◆ Task brief
Reproduce the entries exactly, beginning with the line containing "#626=VERTEX_POINT('',#624);" and ending with their last line, both included.
*** Opening Available data ***
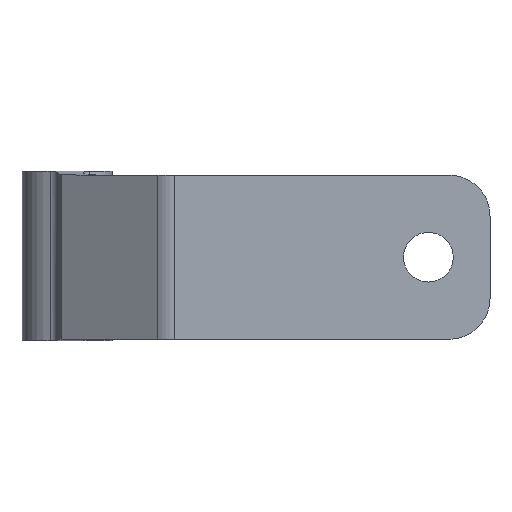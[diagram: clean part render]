
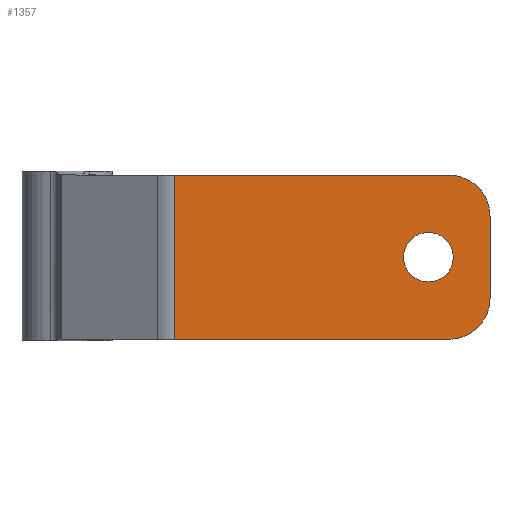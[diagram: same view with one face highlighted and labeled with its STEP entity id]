
A CAD part, front view. The second image highlights one B-rep face of the part: STEP entity #1357.
In plain terms, the highlighted planar face has unit normal (0, -1, 0).
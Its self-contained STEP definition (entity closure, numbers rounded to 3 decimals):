
#414=DIRECTION('',(-1.,0.,0.));
#415=VECTOR('',#414,66.757);
#416=CARTESIAN_POINT('',(93.,-32.,19.7));
#417=LINE('',#416,#415);
#437=CARTESIAN_POINT('',(88.,-32.,-0.3));
#438=DIRECTION('',(0.,-1.,0.));
#439=DIRECTION('',(-1.,0.,0.));
#440=AXIS2_PLACEMENT_3D('',#437,#438,#439);
#442=CARTESIAN_POINT('',(88.,-32.,-0.3));
#443=DIRECTION('',(0.,-1.,0.));
#444=DIRECTION('',(1.,0.,0.));
#445=AXIS2_PLACEMENT_3D('',#442,#443,#444);
#447=CARTESIAN_POINT('',(93.,-32.,-10.3));
#448=DIRECTION('',(0.,-1.,0.));
#449=DIRECTION('',(0.,0.,-1.));
#450=AXIS2_PLACEMENT_3D('',#447,#448,#449);
#452=DIRECTION('',(-1.,0.,0.));
#453=VECTOR('',#452,66.757);
#454=CARTESIAN_POINT('',(93.,-32.,-20.3));
#455=LINE('',#454,#453);
#456=CARTESIAN_POINT('',(93.,-32.,9.7));
#457=DIRECTION('',(0.,-1.,0.));
#458=DIRECTION('',(1.,0.,0.));
#459=AXIS2_PLACEMENT_3D('',#456,#457,#458);
#501=DIRECTION('',(0.,0.,1.));
#502=VECTOR('',#501,20.);
#503=CARTESIAN_POINT('',(103.,-32.,-10.3));
#504=LINE('',#503,#502);
#580=DIRECTION('',(0.,0.,-1.));
#581=VECTOR('',#580,40.);
#582=CARTESIAN_POINT('',(26.243,-32.,19.7));
#583=LINE('',#582,#581);
#624=CARTESIAN_POINT('',(26.243,-32.,19.7));
#626=VERTEX_POINT('',#624);
#631=CARTESIAN_POINT('',(26.243,-32.,-20.3));
#633=VERTEX_POINT('',#631);
#634=CARTESIAN_POINT('',(81.95,-32.,-0.3));
#635=CARTESIAN_POINT('',(94.05,-32.,-0.3));
#636=VERTEX_POINT('',#634);
#637=VERTEX_POINT('',#635);
#650=CARTESIAN_POINT('',(93.,-32.,-20.3));
#651=CARTESIAN_POINT('',(103.,-32.,-10.3));
#652=VERTEX_POINT('',#650);
#653=VERTEX_POINT('',#651);
#658=CARTESIAN_POINT('',(103.,-32.,9.7));
#659=CARTESIAN_POINT('',(93.,-32.,19.7));
#660=VERTEX_POINT('',#658);
#661=VERTEX_POINT('',#659);
#1334=CARTESIAN_POINT('',(26.243,-32.,19.7));
#1335=DIRECTION('',(0.,1.,0.));
#1336=DIRECTION('',(1.,0.,0.));
#1337=AXIS2_PLACEMENT_3D('',#1334,#1335,#1336);
#1338=PLANE('',#1337);
#1340=ORIENTED_EDGE('',*,*,#1339,.F.);
#1342=ORIENTED_EDGE('',*,*,#1341,.T.);
#1344=ORIENTED_EDGE('',*,*,#1343,.F.);
#1345=ORIENTED_EDGE('',*,*,#1304,.F.);
#1346=ORIENTED_EDGE('',*,*,#1324,.F.);
#1348=ORIENTED_EDGE('',*,*,#1347,.F.);
#1349=EDGE_LOOP('',(#1340,#1342,#1344,#1345,#1346,#1348));
#1350=FACE_OUTER_BOUND('',#1349,.F.);
#1352=ORIENTED_EDGE('',*,*,#1351,.T.);
#1354=ORIENTED_EDGE('',*,*,#1353,.T.);
#1355=EDGE_LOOP('',(#1352,#1354));
#1356=FACE_BOUND('',#1355,.F.);
#1357=ADVANCED_FACE('',(#1350,#1356),#1338,.F.);
#441=CIRCLE('',#440,6.05);
#446=CIRCLE('',#445,6.05);
#451=CIRCLE('',#450,10.);
#460=CIRCLE('',#459,10.);
#1304=EDGE_CURVE('',#661,#626,#417,.T.);
#1324=EDGE_CURVE('',#660,#661,#460,.T.);
#1339=EDGE_CURVE('',#652,#653,#451,.T.);
#1341=EDGE_CURVE('',#652,#633,#455,.T.);
#1343=EDGE_CURVE('',#626,#633,#583,.T.);
#1347=EDGE_CURVE('',#653,#660,#504,.T.);
#1351=EDGE_CURVE('',#636,#637,#441,.T.);
#1353=EDGE_CURVE('',#637,#636,#446,.T.);
*** Closing Available data ***
◆ Task solution
#626=VERTEX_POINT('',#624);
#631=CARTESIAN_POINT('',(26.243,-32.,-20.3));
#633=VERTEX_POINT('',#631);
#634=CARTESIAN_POINT('',(81.95,-32.,-0.3));
#635=CARTESIAN_POINT('',(94.05,-32.,-0.3));
#636=VERTEX_POINT('',#634);
#637=VERTEX_POINT('',#635);
#650=CARTESIAN_POINT('',(93.,-32.,-20.3));
#651=CARTESIAN_POINT('',(103.,-32.,-10.3));
#652=VERTEX_POINT('',#650);
#653=VERTEX_POINT('',#651);
#658=CARTESIAN_POINT('',(103.,-32.,9.7));
#659=CARTESIAN_POINT('',(93.,-32.,19.7));
#660=VERTEX_POINT('',#658);
#661=VERTEX_POINT('',#659);
#1334=CARTESIAN_POINT('',(26.243,-32.,19.7));
#1335=DIRECTION('',(0.,1.,0.));
#1336=DIRECTION('',(1.,0.,0.));
#1337=AXIS2_PLACEMENT_3D('',#1334,#1335,#1336);
#1338=PLANE('',#1337);
#1340=ORIENTED_EDGE('',*,*,#1339,.F.);
#1342=ORIENTED_EDGE('',*,*,#1341,.T.);
#1344=ORIENTED_EDGE('',*,*,#1343,.F.);
#1345=ORIENTED_EDGE('',*,*,#1304,.F.);
#1346=ORIENTED_EDGE('',*,*,#1324,.F.);
#1348=ORIENTED_EDGE('',*,*,#1347,.F.);
#1349=EDGE_LOOP('',(#1340,#1342,#1344,#1345,#1346,#1348));
#1350=FACE_OUTER_BOUND('',#1349,.F.);
#1352=ORIENTED_EDGE('',*,*,#1351,.T.);
#1354=ORIENTED_EDGE('',*,*,#1353,.T.);
#1355=EDGE_LOOP('',(#1352,#1354));
#1356=FACE_BOUND('',#1355,.F.);
#1357=ADVANCED_FACE('',(#1350,#1356),#1338,.F.);
#441=CIRCLE('',#440,6.05);
#446=CIRCLE('',#445,6.05);
#451=CIRCLE('',#450,10.);
#460=CIRCLE('',#459,10.);
#1304=EDGE_CURVE('',#661,#626,#417,.T.);
#1324=EDGE_CURVE('',#660,#661,#460,.T.);
#1339=EDGE_CURVE('',#652,#653,#451,.T.);
#1341=EDGE_CURVE('',#652,#633,#455,.T.);
#1343=EDGE_CURVE('',#626,#633,#583,.T.);
#1347=EDGE_CURVE('',#653,#660,#504,.T.);
#1351=EDGE_CURVE('',#636,#637,#441,.T.);
#1353=EDGE_CURVE('',#637,#636,#446,.T.);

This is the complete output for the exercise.